=== WHAT YOU SHOULD DO ===
Because the copy must hold no pictures, return the data below with all of its words intact.
[[ SUPPLIED MATERIAL open ]]
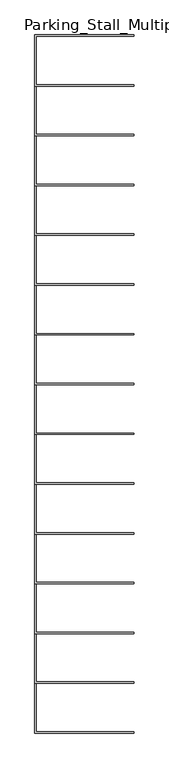
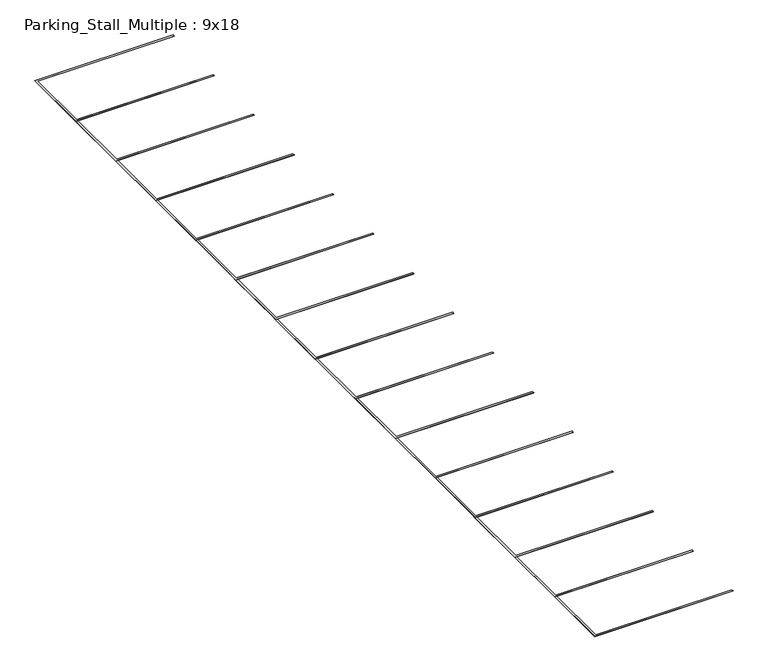
"""IFC4 building model written with IfcOpenShell, lengths in millimetres: proxy geometry, Parking_Stall_Multiple : 9x18."""

from ifc_helpers import new_model, si_unit, origin, origin_with_axes, place, context, project, spatial, polyline, outline, extrude, source, transform, mapped, element, save


def parking_stall_multiple_9x18_4ba3b90c(model_context):
    return source(origin(), model_context, "Body", "SweptSolid", [
        extrude(outline(polyline([(5486.4, 35661.6), (0.0, 35661.6), (0.0, 38481.0), (5486.4, 38481.0), (5486.4, 38404.8), (76.2, 38404.8), (76.2, 35737.8), (5486.4, 35737.8), (5486.4, 35661.6)])), origin_with_axes(), (0.0, 0.0, 1.0), 6.35),
        extrude(outline(polyline([(5486.4, 32918.4), (0.0, 32918.4), (0.0, 35737.8), (5486.4, 35737.8), (5486.4, 35661.6), (76.2, 35661.6), (76.2, 32994.6), (5486.4, 32994.6), (5486.4, 32918.4)])), origin_with_axes(), (0.0, 0.0, 1.0), 6.35),
        extrude(outline(polyline([(5486.4, 30175.2), (0.0, 30175.2), (0.0, 32994.6), (5486.4, 32994.6), (5486.4, 32918.4), (76.2, 32918.4), (76.2, 30251.4), (5486.4, 30251.4), (5486.4, 30175.2)])), origin_with_axes(), (0.0, 0.0, 1.0), 6.35),
        extrude(outline(polyline([(5486.4, 27432.0), (0.0, 27432.0), (0.0, 30251.4), (5486.4, 30251.4), (5486.4, 30175.2), (76.2, 30175.2), (76.2, 27508.2), (5486.4, 27508.2), (5486.4, 27432.0)])), origin_with_axes(), (0.0, 0.0, 1.0), 6.35),
        extrude(outline(polyline([(5486.4, 24688.8), (0.0, 24688.8), (0.0, 27508.2), (5486.4, 27508.2), (5486.4, 27432.0), (76.2, 27432.0), (76.2, 24765.0), (5486.4, 24765.0), (5486.4, 24688.8)])), origin_with_axes(), (0.0, 0.0, 1.0), 6.35),
        extrude(outline(polyline([(5486.4, 21945.6), (0.0, 21945.6), (0.0, 24765.0), (5486.4, 24765.0), (5486.4, 24688.8), (76.2, 24688.8), (76.2, 22021.8), (5486.4, 22021.8), (5486.4, 21945.6)])), origin_with_axes(), (0.0, 0.0, 1.0), 6.35),
        extrude(outline(polyline([(5486.4, 19202.4), (0.0, 19202.4), (0.0, 22021.8), (5486.4, 22021.8), (5486.4, 21945.6), (76.2, 21945.6), (76.2, 19278.6), (5486.4, 19278.6), (5486.4, 19202.4)])), origin_with_axes(), (0.0, 0.0, 1.0), 6.35),
        extrude(outline(polyline([(5486.4, 16459.2), (0.0, 16459.2), (0.0, 19278.6), (5486.4, 19278.6), (5486.4, 19202.4), (76.2, 19202.4), (76.2, 16535.4), (5486.4, 16535.4), (5486.4, 16459.2)])), origin_with_axes(), (0.0, 0.0, 1.0), 6.35),
        extrude(outline(polyline([(5486.4, 13716.0), (0.0, 13716.0), (0.0, 16535.4), (5486.4, 16535.4), (5486.4, 16459.2), (76.2, 16459.2), (76.2, 13792.2), (5486.4, 13792.2), (5486.4, 13716.0)])), origin_with_axes(), (0.0, 0.0, 1.0), 6.35),
        extrude(outline(polyline([(5486.4, 10972.8), (0.0, 10972.8), (0.0, 13792.2), (5486.4, 13792.2), (5486.4, 13716.0), (76.2, 13716.0), (76.2, 11049.0), (5486.4, 11049.0), (5486.4, 10972.8)])), origin_with_axes(), (0.0, 0.0, 1.0), 6.35),
        extrude(outline(polyline([(5486.4, 8229.6), (0.0, 8229.6), (0.0, 11049.0), (5486.4, 11049.0), (5486.4, 10972.8), (76.2, 10972.8), (76.2, 8305.8), (5486.4, 8305.8), (5486.4, 8229.6)])), origin_with_axes(), (0.0, 0.0, 1.0), 6.35),
        extrude(outline(polyline([(5486.4, 5486.4), (0.0, 5486.4), (0.0, 8305.8), (5486.4, 8305.8), (5486.4, 8229.6), (76.2, 8229.6), (76.2, 5562.6), (5486.4, 5562.6), (5486.4, 5486.4)])), origin_with_axes(), (0.0, 0.0, 1.0), 6.35),
        extrude(outline(polyline([(5486.4, 2743.2), (0.0, 2743.2), (0.0, 5562.6), (5486.4, 5562.6), (5486.4, 5486.4), (76.2, 5486.4), (76.2, 2819.4), (5486.4, 2819.4), (5486.4, 2743.2)])), origin_with_axes(), (0.0, 0.0, 1.0), 6.35),
        extrude(outline(polyline([(5486.4, 0.0), (0.0, 0.0), (0.0, 2819.4), (5486.4, 2819.4), (5486.4, 2743.2), (76.2, 2743.2), (76.2, 76.2), (5486.4, 76.2), (5486.4, 0.0)])), origin_with_axes(), (0.0, 0.0, 1.0), 6.35),
    ])


if __name__ == "__main__":
    model = new_model("IFC4")
    model_context = context("Model", 3, world=origin())
    ifc_project = project(units=[si_unit("LENGTHUNIT", "METRE", prefix="MILLI")], contexts=[model_context])
    site = spatial("IfcSite", under=ifc_project)
    building = spatial("IfcBuilding", under=site)
    placement = place(None, origin())
    parking_stall_multiple_9x18_shape = parking_stall_multiple_9x18_4ba3b90c(model_context)
    element("IfcBuildingElementProxy", 1, Name="Parking_Stall_Multiple : 9x18", ObjectType="Parking_Stall_Multiple : 9x18", at=placement, inside=building, context=model_context, shape_type="MappedRepresentation", body=[
        mapped(parking_stall_multiple_9x18_shape, transform((0.0, 0.0, 0.0), x_axis=(1.0, 0.0, 0.0), y_axis=(0.0, 1.0, 0.0), z_axis=(0.0, 0.0, 1.0))),
    ])
    save(model, "model.ifc")

# Revit data of these elements
# Type "Parking_Stall_Multiple : 9x18"
#   Parking_Width_M = 9' - 0"
#   Parking_Run_Length [instance default] = 65' - 0"
#   Parking_Line_Width = 0' - 3"
#   Parking_Length_M = 18' - 0"
#   Single_Parking_Visibility [instance default] = no
#   Parking_ADA_Symbol = no
#   ParkingUnitsArray [instance default] = 7
#   ParkingUnits [instance default] = 7
#   Multiple_Parking_Visibility [instance default] = yes
#   Parking_Line_Material = none
# Element 1 (IfcBuildingElementProxy, "Parking_Stall_Multiple : 9x18")
#   Parking_Run_Length = 124' - 4.95431"
#   ParkingUnitsArray = 14
#   ParkingUnits = 14
[[ SUPPLIED MATERIAL closed ]]
=== YOUR SOLUTION ===
"""IFC4 building model written with IfcOpenShell, lengths in millimetres: proxy geometry, Parking_Stall_Multiple : 9x18."""

from ifc_helpers import new_model, si_unit, origin, origin_with_axes, place, context, project, spatial, polyline, outline, extrude, source, transform, mapped, element, save


def parking_stall_multiple_9x18_4ba3b90c(model_context):
    return source(origin(), model_context, "Body", "SweptSolid", [
        extrude(outline(polyline([(5486.4, 35661.6), (0.0, 35661.6), (0.0, 38481.0), (5486.4, 38481.0), (5486.4, 38404.8), (76.2, 38404.8), (76.2, 35737.8), (5486.4, 35737.8), (5486.4, 35661.6)])), origin_with_axes(), (0.0, 0.0, 1.0), 6.35),
        extrude(outline(polyline([(5486.4, 32918.4), (0.0, 32918.4), (0.0, 35737.8), (5486.4, 35737.8), (5486.4, 35661.6), (76.2, 35661.6), (76.2, 32994.6), (5486.4, 32994.6), (5486.4, 32918.4)])), origin_with_axes(), (0.0, 0.0, 1.0), 6.35),
        extrude(outline(polyline([(5486.4, 30175.2), (0.0, 30175.2), (0.0, 32994.6), (5486.4, 32994.6), (5486.4, 32918.4), (76.2, 32918.4), (76.2, 30251.4), (5486.4, 30251.4), (5486.4, 30175.2)])), origin_with_axes(), (0.0, 0.0, 1.0), 6.35),
        extrude(outline(polyline([(5486.4, 27432.0), (0.0, 27432.0), (0.0, 30251.4), (5486.4, 30251.4), (5486.4, 30175.2), (76.2, 30175.2), (76.2, 27508.2), (5486.4, 27508.2), (5486.4, 27432.0)])), origin_with_axes(), (0.0, 0.0, 1.0), 6.35),
        extrude(outline(polyline([(5486.4, 24688.8), (0.0, 24688.8), (0.0, 27508.2), (5486.4, 27508.2), (5486.4, 27432.0), (76.2, 27432.0), (76.2, 24765.0), (5486.4, 24765.0), (5486.4, 24688.8)])), origin_with_axes(), (0.0, 0.0, 1.0), 6.35),
        extrude(outline(polyline([(5486.4, 21945.6), (0.0, 21945.6), (0.0, 24765.0), (5486.4, 24765.0), (5486.4, 24688.8), (76.2, 24688.8), (76.2, 22021.8), (5486.4, 22021.8), (5486.4, 21945.6)])), origin_with_axes(), (0.0, 0.0, 1.0), 6.35),
        extrude(outline(polyline([(5486.4, 19202.4), (0.0, 19202.4), (0.0, 22021.8), (5486.4, 22021.8), (5486.4, 21945.6), (76.2, 21945.6), (76.2, 19278.6), (5486.4, 19278.6), (5486.4, 19202.4)])), origin_with_axes(), (0.0, 0.0, 1.0), 6.35),
        extrude(outline(polyline([(5486.4, 16459.2), (0.0, 16459.2), (0.0, 19278.6), (5486.4, 19278.6), (5486.4, 19202.4), (76.2, 19202.4), (76.2, 16535.4), (5486.4, 16535.4), (5486.4, 16459.2)])), origin_with_axes(), (0.0, 0.0, 1.0), 6.35),
        extrude(outline(polyline([(5486.4, 13716.0), (0.0, 13716.0), (0.0, 16535.4), (5486.4, 16535.4), (5486.4, 16459.2), (76.2, 16459.2), (76.2, 13792.2), (5486.4, 13792.2), (5486.4, 13716.0)])), origin_with_axes(), (0.0, 0.0, 1.0), 6.35),
        extrude(outline(polyline([(5486.4, 10972.8), (0.0, 10972.8), (0.0, 13792.2), (5486.4, 13792.2), (5486.4, 13716.0), (76.2, 13716.0), (76.2, 11049.0), (5486.4, 11049.0), (5486.4, 10972.8)])), origin_with_axes(), (0.0, 0.0, 1.0), 6.35),
        extrude(outline(polyline([(5486.4, 8229.6), (0.0, 8229.6), (0.0, 11049.0), (5486.4, 11049.0), (5486.4, 10972.8), (76.2, 10972.8), (76.2, 8305.8), (5486.4, 8305.8), (5486.4, 8229.6)])), origin_with_axes(), (0.0, 0.0, 1.0), 6.35),
        extrude(outline(polyline([(5486.4, 5486.4), (0.0, 5486.4), (0.0, 8305.8), (5486.4, 8305.8), (5486.4, 8229.6), (76.2, 8229.6), (76.2, 5562.6), (5486.4, 5562.6), (5486.4, 5486.4)])), origin_with_axes(), (0.0, 0.0, 1.0), 6.35),
        extrude(outline(polyline([(5486.4, 2743.2), (0.0, 2743.2), (0.0, 5562.6), (5486.4, 5562.6), (5486.4, 5486.4), (76.2, 5486.4), (76.2, 2819.4), (5486.4, 2819.4), (5486.4, 2743.2)])), origin_with_axes(), (0.0, 0.0, 1.0), 6.35),
        extrude(outline(polyline([(5486.4, 0.0), (0.0, 0.0), (0.0, 2819.4), (5486.4, 2819.4), (5486.4, 2743.2), (76.2, 2743.2), (76.2, 76.2), (5486.4, 76.2), (5486.4, 0.0)])), origin_with_axes(), (0.0, 0.0, 1.0), 6.35),
    ])


if __name__ == "__main__":
    model = new_model("IFC4")
    model_context = context("Model", 3, world=origin())
    ifc_project = project(units=[si_unit("LENGTHUNIT", "METRE", prefix="MILLI")], contexts=[model_context])
    site = spatial("IfcSite", under=ifc_project)
    building = spatial("IfcBuilding", under=site)
    placement = place(None, origin())
    parking_stall_multiple_9x18_shape = parking_stall_multiple_9x18_4ba3b90c(model_context)
    element("IfcBuildingElementProxy", 1, Name="Parking_Stall_Multiple : 9x18", ObjectType="Parking_Stall_Multiple : 9x18", at=placement, inside=building, context=model_context, shape_type="MappedRepresentation", body=[
        mapped(parking_stall_multiple_9x18_shape, transform((0.0, 0.0, 0.0), x_axis=(1.0, 0.0, 0.0), y_axis=(0.0, 1.0, 0.0), z_axis=(0.0, 0.0, 1.0))),
    ])
    save(model, "model.ifc")

# Revit data of these elements
# Type "Parking_Stall_Multiple : 9x18"
#   Parking_Width_M = 9' - 0"
#   Parking_Run_Length [instance default] = 65' - 0"
#   Parking_Line_Width = 0' - 3"
#   Parking_Length_M = 18' - 0"
#   Single_Parking_Visibility [instance default] = no
#   Parking_ADA_Symbol = no
#   ParkingUnitsArray [instance default] = 7
#   ParkingUnits [instance default] = 7
#   Multiple_Parking_Visibility [instance default] = yes
#   Parking_Line_Material = none
# Element 1 (IfcBuildingElementProxy, "Parking_Stall_Multiple : 9x18")
#   Parking_Run_Length = 124' - 4.95431"
#   ParkingUnitsArray = 14
#   ParkingUnits = 14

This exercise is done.